Got it. Okay. Thank you.

Thank you very much, sir. (OPERATOR INSTRUCTIONS) Your next question comes from the line of Karen Buchkovich of JPMorgan. Please proceed.

Hello.

Could you briefly recap the highlights of the sale of the plant business, the primary assets that were of interest to the buyer, the focus of the R&D and the goals which must be met to reach the milestone?

I think in terms of exactly the asset that we transferred to Dow, I don't want to go into that just to respect Dow's wishes here to not make all of this public. But, you know, we have a, as you know, we've had a very powerful plant trait discovery engine up in Portland that's generated a lot of interesting insights.

And (inaudible) was very interested in our ability to, let's say, manipulate genes in major crops, and that's basically the part of the business that they acquired. We have other aspects of the business up there that they did not, and that we believe we can potentially monetize further.

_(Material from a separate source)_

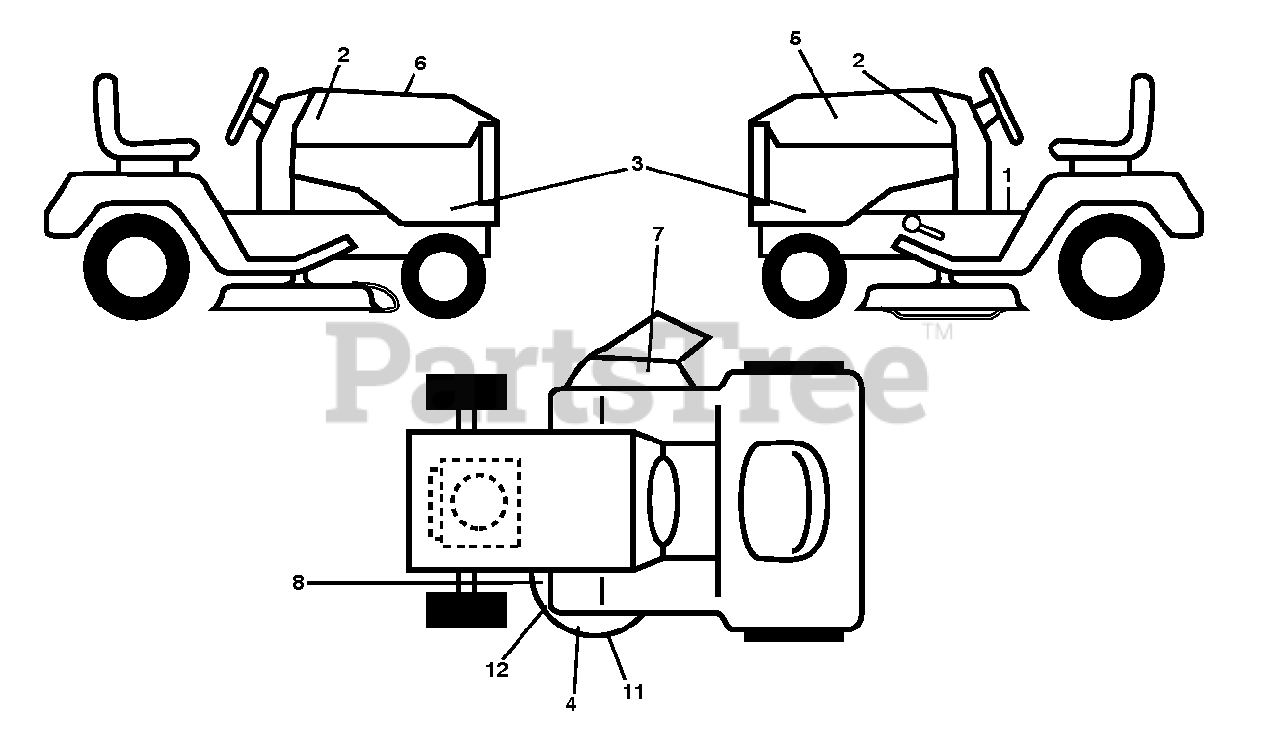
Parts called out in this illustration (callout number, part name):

And the focus of the R&D and the goal for the milestone?

We haven't disclosed any of that publicly, and we're just trying to respect the wishes of our partner there.

Okay. Thank you.

Thank you very much, ma'am. At this time, sir, have you no further questions in queue.

Okay. Well, look, let me just thank everybody for your attention. I know we talked for a bit today. We have a lot of information to let you know. And we thank you all for your attention. And we'll all get back to work. Thanks.

Thank you very much, sir. Thank you, ladies and gentlemen, for your participation in today's conference call. This concludes your presentation for today. You may now disconnect. Have a good day.